Still here tonight on our feeder.


----------



## severus (Feb 8, 2000)

Well, it was fun while it lasted. I'm going to leave my feeder out for awhile just in case.


----------



## Happy Jack (Jan 21, 2003)

Had 3 over the weekend. Only 1 yesterday.


----------



## 22 Chuck (Feb 2, 2006)

Still here on the weekend.

37 degrees (or less) here this am.


----------



## mwp (Feb 18, 2004)

still here as well,but its almost time!!


----------



## FREEPOP (Apr 11, 2002)

Saw some visiting the sunflowers last night.


----------



## tree_rat (Aug 28, 2008)

Had some at mine this morning, 49 degrees.


----------



## Fishndude (Feb 22, 2003)

They are still visiting my Butterfly bushes, and Trumpet Vines daily.

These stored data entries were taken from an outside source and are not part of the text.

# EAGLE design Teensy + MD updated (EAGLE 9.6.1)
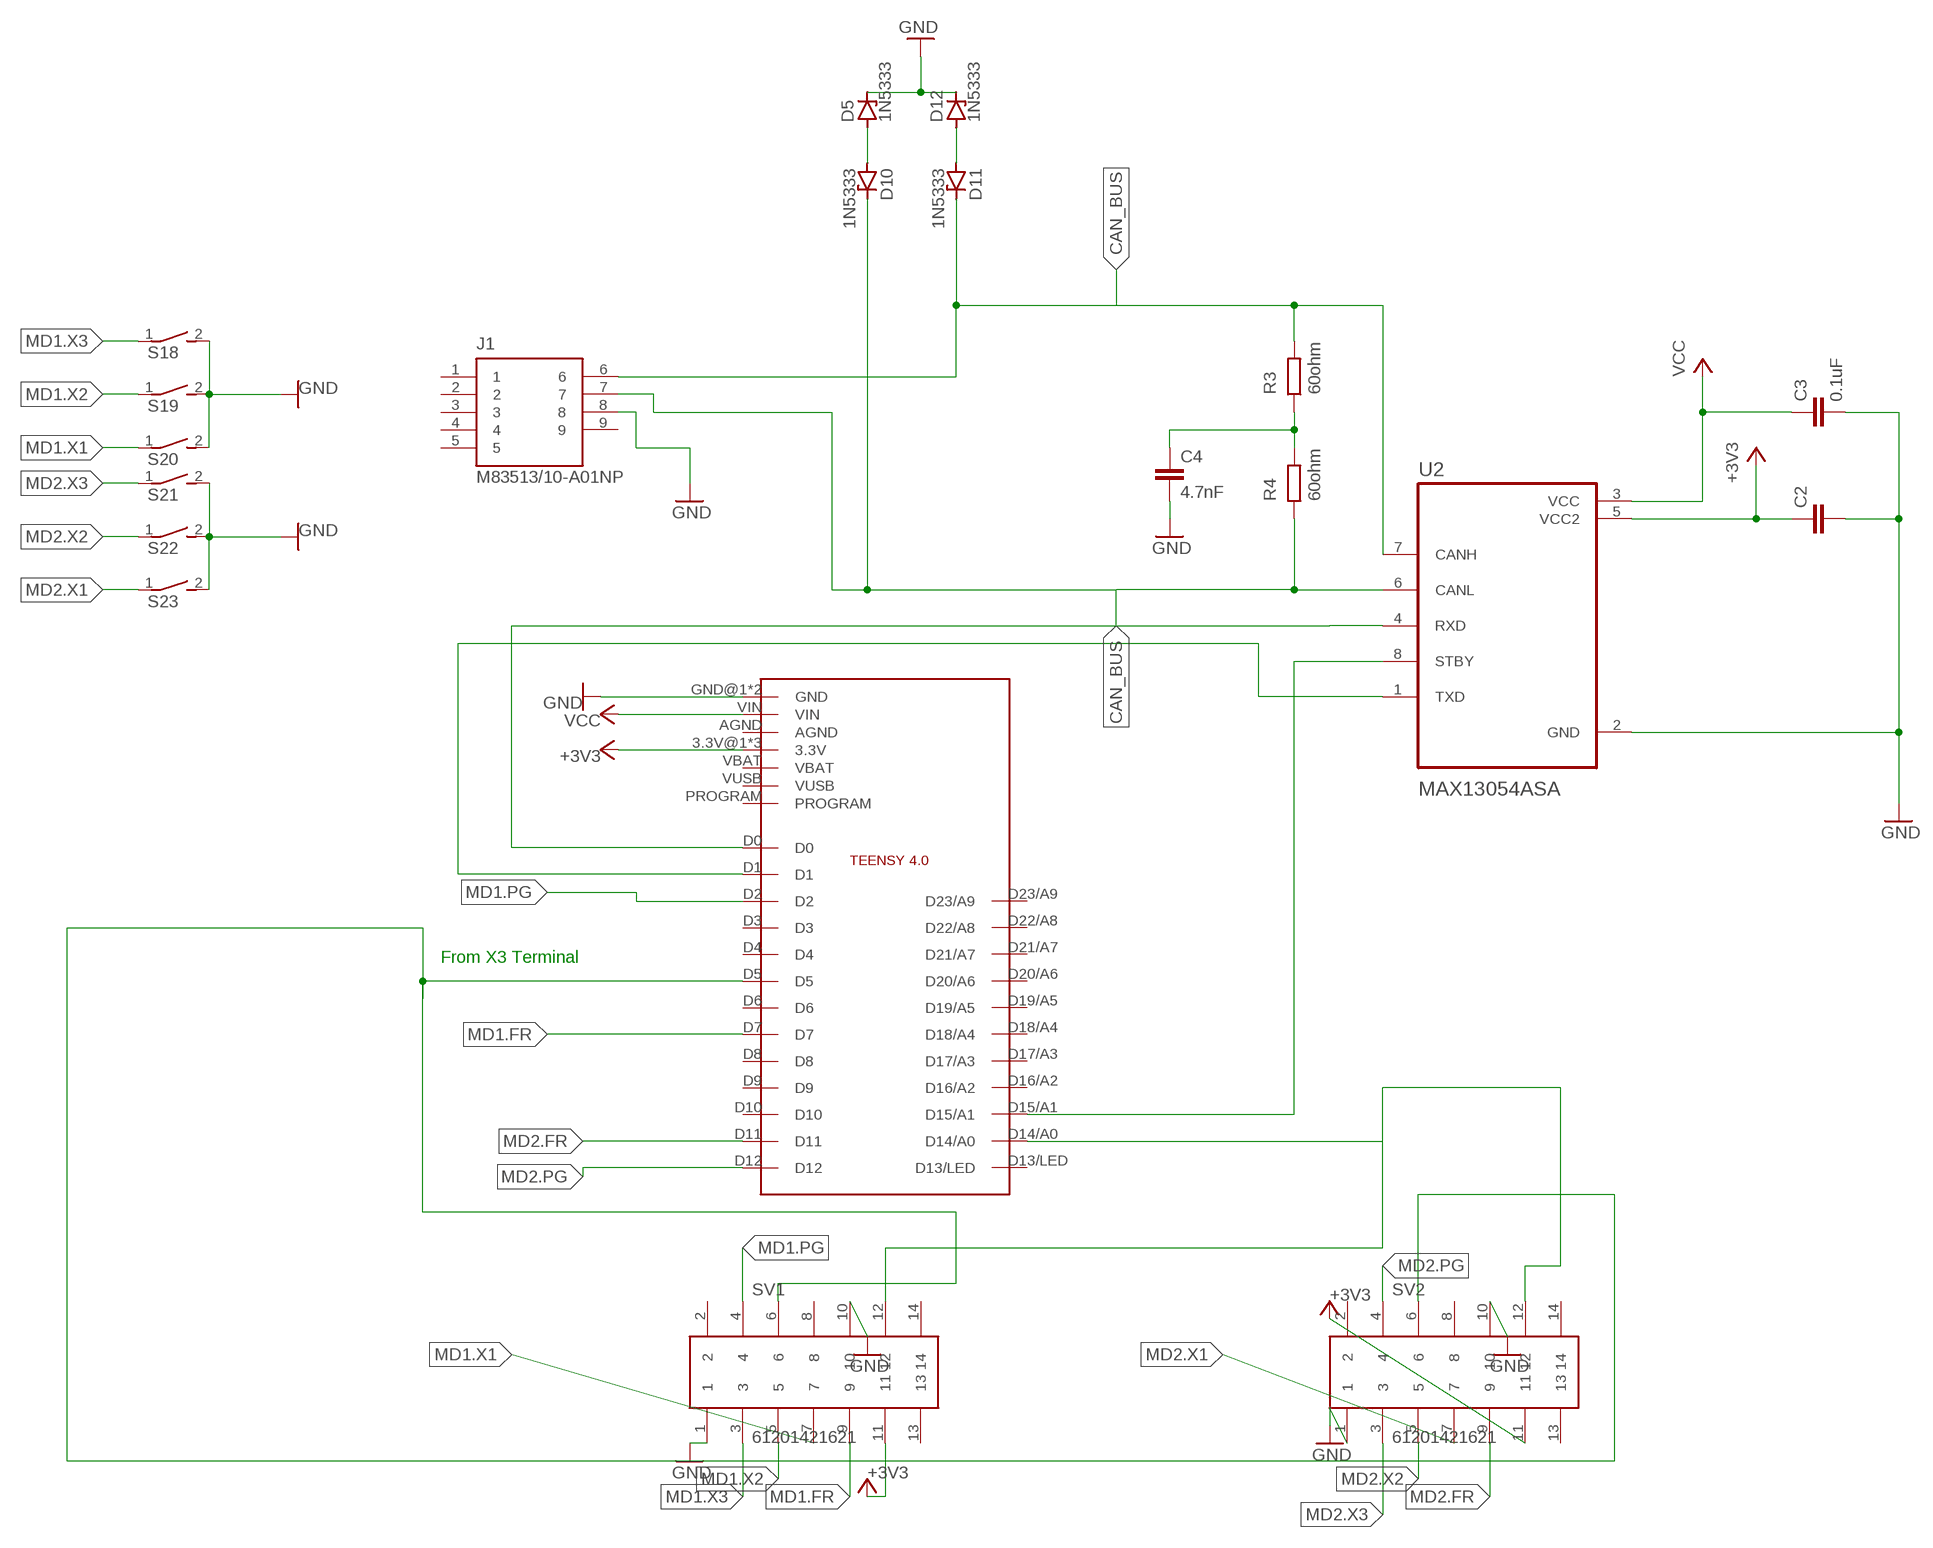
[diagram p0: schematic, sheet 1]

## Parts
C2  C2,5-3  [C2.5-3]
C3  0.1uF  C2,5-3  [C2.5-3]
C4  4.7nF  C2,5-3  [C2.5-3]
D5  1N5333  [C1702-15]
D10  1N5333  [C1702-15]
D11  1N5333  [C1702-15]
D12  1N5333  [C1702-15]
J1  M83513/10-A01NP  [BEL_M83513/10-A01NP]
R3  60ohm  R  (no package)
R4  60ohm  R  (no package)
S18  DS01E  [DS-01]
S19  DS01E  [DS-01]
S20  DS01E  [DS-01]
S21  DS01E  [DS-01]
S22  DS01E  [DS-01]
S23  DS01E  [DS-01]
SV1  61201421621  [61201421621]
SV2  61201421621  [61201421621]
U2  MAX13054ASA  [SOIC127P600X175-8N]
U$3  TEENSY4.0  [TEENSY4.0]

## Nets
+3V3: C2.1 SV1.11 SV2.11 U2.5(VCC2) U$3.3.3V@1(3.3V) U$3.3.3V@2(3.3V) U$3.ON/OFF(3.3V)
CAN_BUS: D11.C J1.6 R3.2 U2.7(CANH)
GND: C2.2 C3.2 C4.2 D5.C D12.C J1.8 S18.2 S19.2 S20.2 S21.2 S22.2 S23.2 SV1.1 SV1.10 SV2.1 SV2.10 U2.2(GND) U$3.GND@1(GND) U$3.GND@2(GND)
MD1.5V: SV1.6 SV2.6 U$3.D5
MD1.FR: SV1.9 U$3.D7
MD1.PG: SV1.4 U$3.D2
MD1.X1: S20.1 SV1.7
MD1.X2: S19.1 SV1.5
MD1.X3: S18.1 SV1.3
MD2.BK: SV1.12 SV2.12 U$3.D14/A0
MD2.FR: SV2.9 U$3.D11
MD2.PG: SV2.4 U$3.D12
MD2.X1: S23.1 SV2.7
MD2.X2: S22.1 SV2.5
MD2.X3: S21.1 SV2.3
N$9: D10.C J1.7 R4.1 U2.6(CANL)
N$10: U2.8(STBY) U$3.D15/A1
N$11: U2.4(RXD) U$3.D0
N$12: U2.1(TXD) U$3.D1
N$13: C4.1 R3.1 R4.2
N$14: D5.A D10.A
N$15: D11.A D12.A
VCC: C3.1 U2.3(VCC) U$3.VIN
Unconnected: J1.1 J1.2 J1.3 J1.4 J1.5 J1.9 SV1.2 SV1.8 SV1.13 SV1.14 SV2.2 SV2.8 SV2.13 SV2.14 U$3.AGND U$3.D3 U$3.D4 U$3.D6 U$3.D8 U$3.D9 U$3.D10 U$3.D13/LED U$3.D16/A2 U$3.D17/A3 U$3.D18/A4 U$3.D19/A5 U$3.D20/A6 U$3.D21/A7 U$3.D22/A8 U$3.D23/A9 U$3.PROGRAM U$3.VBAT U$3.VUSB

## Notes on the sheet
- From X3 Terminal

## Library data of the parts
C2-C4 = capacitor-wima:C: CAPACITOR
D5 D10-D12 = diode:1N5333: Z DIODE
J1 = M83513_10-A01NP:M83513/10-A01NP: MIL-DTL-83513 PCB Mounted Connector | Plug | 9 Positions | Shell Finish - Cadmium | Male | PCB Solder Pins | 0.109in (2.77 mm) Pin Length; AVAILABILITY: Unavailable; DESCRIPTION: MIL-DTL-83513 PCB Mounted Connector | Plug | 9 Positions | Shell Finish - Nickel | Male | PCB Solder Pins | 0.109 (2.77 mm) Pin Length | Jackpost Attached; MF: Cinch Connectivity Solutions; MP: M83513/10-A01NP; PACKAGE: None; PRICE: None
R3 R4 = ngspice-simulation:R: RESISTOR
S18-S23 = switch-dil:DS01E: DIL/CODE SWITCH; OC_FARNELL: unknown; OC_NEWARK: unknown
SV1 SV2 = Wuerth_Elektronik_eiCan_05_Box_Header_IDC_Connectors_1_2:61201421621: WR-BHD 2.54mm Male Box Header, 14 Pins
U2 = MAX13054ASA:MAX13054ASA; DESCRIPTION: 1/1 Transceiver Full CANbus 8-SOIC; DIGI-KEY_PART_NUMBER: MAX13054ASA+TTR-ND; DIGI-KEY_PURCHASE_URL: https://www.digikey.com/product-detail/en/maxim-integrated/MAX13054ASA-T/MAX13054ASA-TTR-ND/1475460?utm_source=snapeda&utm_medium=aggregator&utm_campaign=symbol; MF: Maxim Integrated; MP: MAX13054ASA+; PACKAGE: SOIC-8 Maxim
U$3 = Teensy4.0:TEENSY4.0

## Module RESISTER
Ports: 

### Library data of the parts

## Module GND
Ports: 

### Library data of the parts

## Module MOTOR
Ports: 

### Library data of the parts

## Module MOTORDRIVER
Ports: U(io) V(io) W(io) VCC(io) GND(io) 5V(io) GND1(io) HA(io) HB(io) HC(io) RS232(io) PWR(io) ALM(io) GND2(io) ALM1(io) X3(io) PG(io) X2(io) 5V1(io) X1(io) 5V2(io) PR(io) GND3(io) EN(io) BR(io)

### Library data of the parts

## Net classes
0 default: width 0.305 mm, drill 0.508 mm, clearance 0.254 mm

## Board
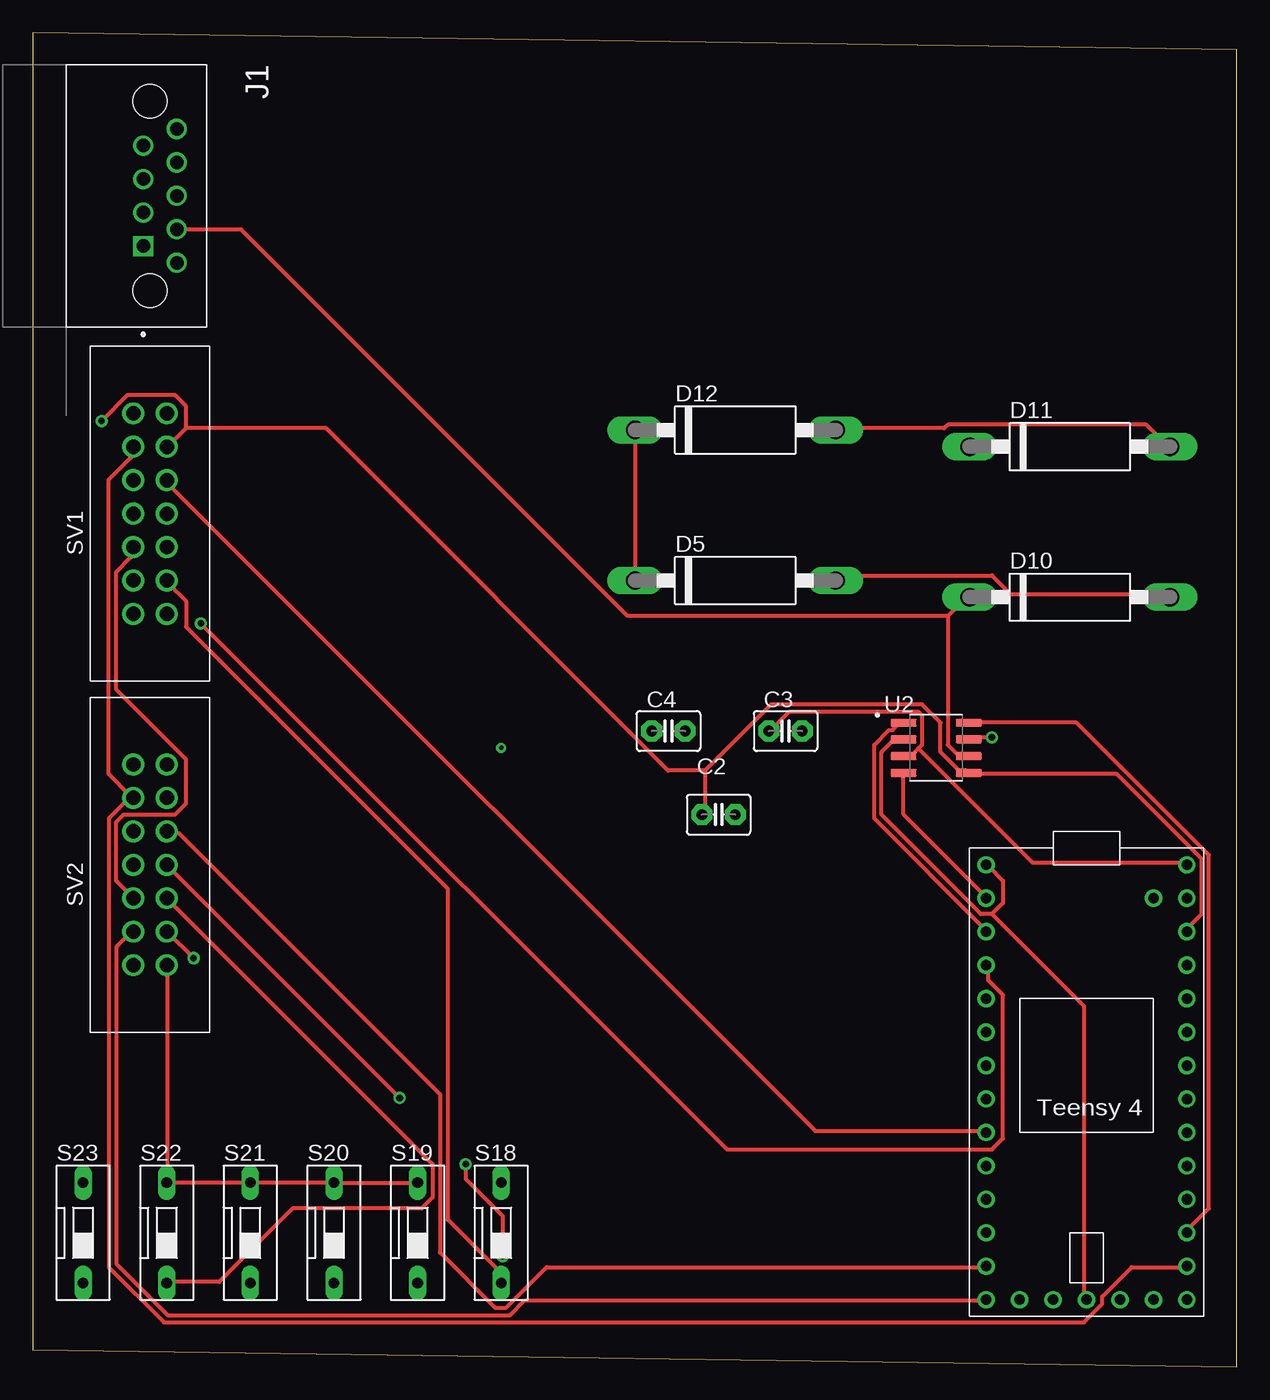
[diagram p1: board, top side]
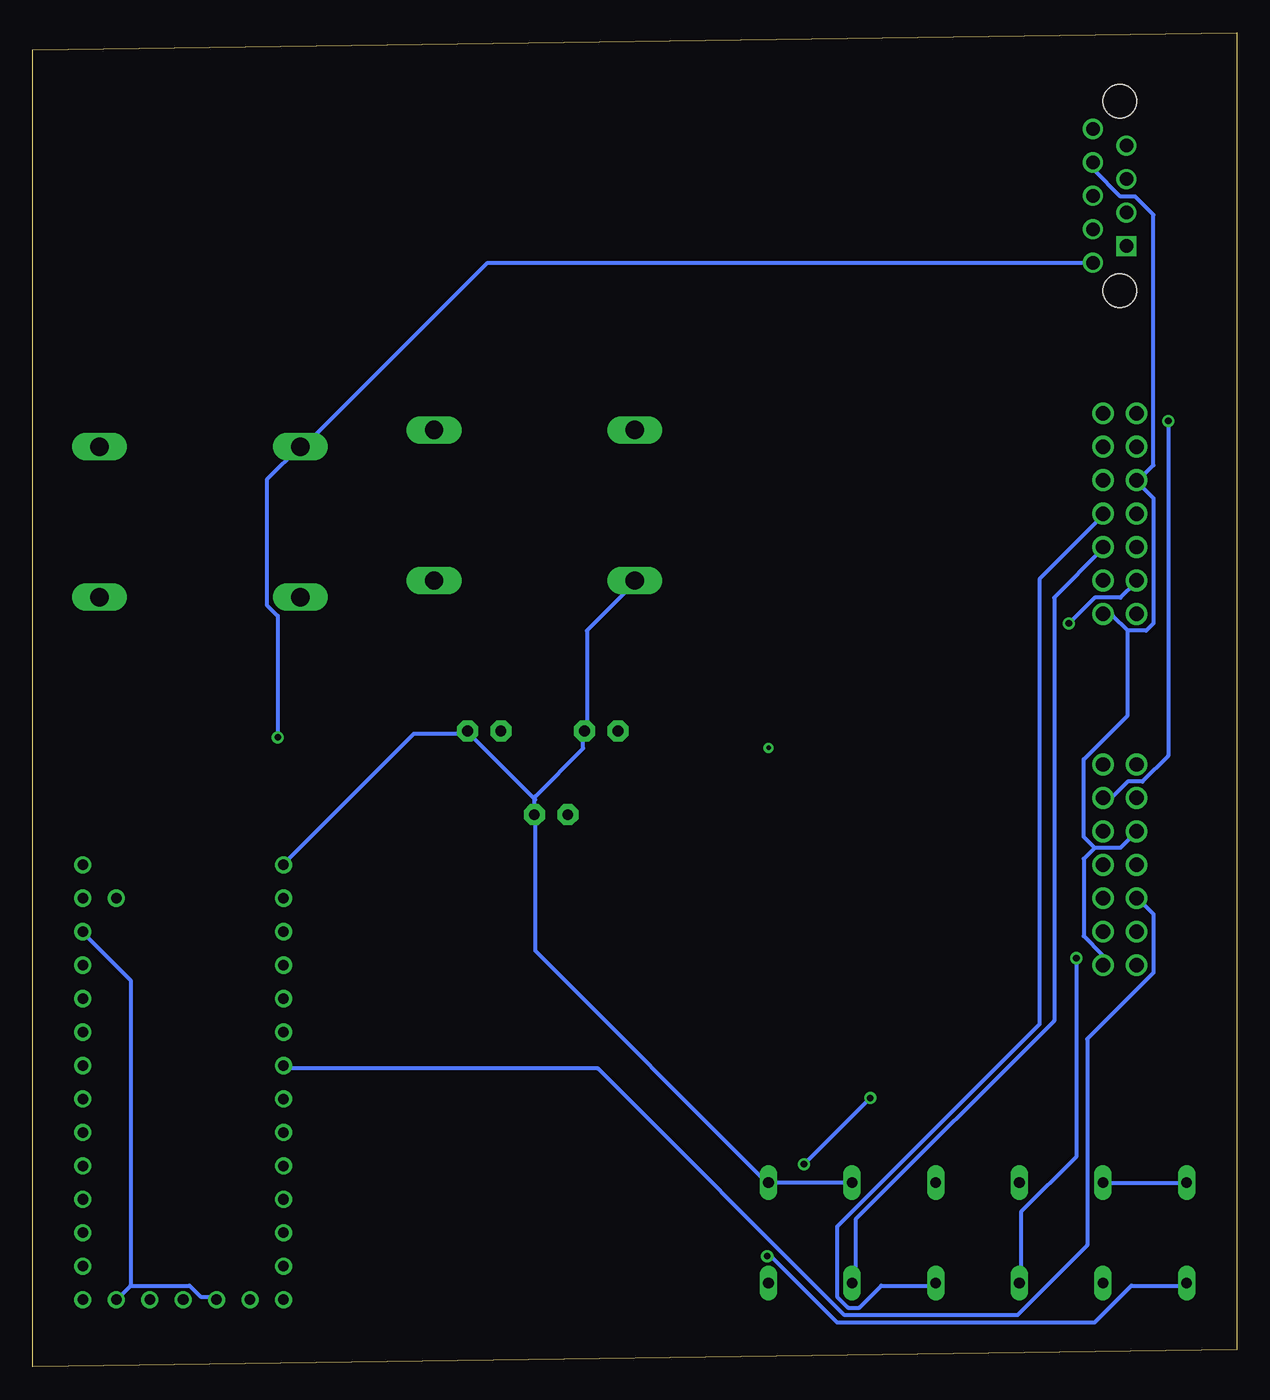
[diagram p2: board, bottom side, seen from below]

Size 91.42 x 101.27 mm. Coordinates in mm from the lower left corner, seen from the top.
Outline: 0,1.27 91.42,0 91.42,100 0,101.27 0,1.27
Copper layers (1*16): Top 0.035mm / dielectric 1.5mm / Bottom 0.035mm
Design rules "default": minimum track width 6mil, minimum drill 0.35mm, track to track 6mil, track to pad 6mil, pad to pad 6mil, via to via 6mil, smd to smd 6mil, copper to edge 40mil, drill to drill 6mil, minimum pad ring 10mil, minimum via ring 8mil, stop-mask expansion 4mil, vias tented up to drill 0mil, thermal gap 10mil

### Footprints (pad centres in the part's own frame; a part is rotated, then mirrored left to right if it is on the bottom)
C2.5-3 = drill 0.813 pad 1.6 octagon: 1 -1.27,0; 2 1.27,0
C1702-15 = drill 1.397 long: A 7.62,0; C -7.62,0
BEL_M83513/10-A01NP = drill 1.02 square: 1 3.81,-0.508 | drill 1.02: 2 1.27,-0.508; 3 0,2.032; 4 -1.27,-0.508; 5 -3.81,-0.508; 6 5.08,2.032; 7 2.54,2.032; 8 -2.54,2.032; 9 -5.08,2.032 | hole 2.57: -7.188,0; 7.188,0
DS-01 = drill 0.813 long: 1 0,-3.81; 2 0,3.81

But I live in SE Michigan.


----------



## outdoor junkie (Sep 16, 2003)

Still have a few visiting my feeders and sunflowers. I've had one the past week or so that will land on our finger and drink from the feeder. Pretty cool. We have one or two every year by the end of the season that act like pets. Love them little birds.


----------



## wally-eye (Oct 27, 2004)

Still have a half dozen or so hanging around yet........I'm 10 miles north of Fremont. Don't think it'll be much longer though.....


----------



## Happy Jack (Jan 21, 2003)

Not gone yet in N Oaklsnd. I have 1 hanging around today.


----------



## rick (Dec 3, 2000)

Very cool while it lasted



















Elvis has left the building up in Luzerne


----------



## Bowslayer (Aug 29, 2005)

I was surprised to have one visit today, a female. Im in K-zoo


----------



## RollingRock (Nov 30, 2004)

Still had 2 at the cabin this past weekend. 8 miles west of Mio.


----------



## Ladygill (Dec 28, 2002)

We have two that were here as of yesterday. We keep our feeder out after the hummers leave in case others migrating from further north need to stop, rest and refuel. We take the feeder down for the season when a freeze warning is issued for our area.



frznFinn said:


> It's been a few days since I saw my hummingbirds....I think they are gone for the winter.....:sad:


----------



## Buddwiser (Dec 14, 2003)

We had two birds come to our feeder all last summer but only saw one bird at it twice this year. Any suggestions as to how to attract more next year?
Thanks for any info.


----------



## wally-eye (Oct 27, 2004)

Still had 2 hanging out today but I believe this will be their last week here. With the heavy frost warning for this Sat. morning I fear they'll be gone till next year.........


----------



## MSUICEMAN (Jan 9, 2002)

a couple days ago i saw my last one, but none since, i think this cold snap probably has them moved out.


----------



## Bonz 54 (Apr 17, 2005)

I had acouple buzzing around the yard on Monday. I freshened the feeders and haven't seen them since. If you want more Hummers next year you need to make a garden plan with plants that attract them and add more feeders. When we went from one feeder to two, they started to really hit them. This year we went to three feeders and the number seemed to jump again. Just an observation. FRANK


----------



## Bonz 54 (Apr 17, 2005)

I went to let the girls outside saturday morning around 7:00 a.m. and there was a little Emerald jewel on the feeder out by the garden fence. They hung around most of the day. Sunday morning they were still here. I was completely amazed because we had a light frost that morning. Checked the feeder before I left for work this morning and at least one was still here. I hope they don't wait too long and get stuck here or worse... FRANK


----------



## sfw1960 (Apr 7, 2002)

These were birds stopping by as they migrated South..............


----------



## Ladygill (Dec 28, 2002)

Yes they more than likely were from further north. I miss them when they leave, but anticipate their arrival in the spring.


----------



## Kory (Oct 7, 2007)

Man, those photos are outstanding! Thanks for sharing.


----------



## Ladygill (Dec 28, 2002)

I was just wondering what type of camera and lens you used to get in this close to the hummingbirds? The pictures are amazing and I would like to eventually get another lens for my camera to get in tight on wildlife when photographing. 
Thank you


----------



## Ladygill (Dec 28, 2002)

Kory said:


> Man, those photos are outstanding! Thanks for sharing.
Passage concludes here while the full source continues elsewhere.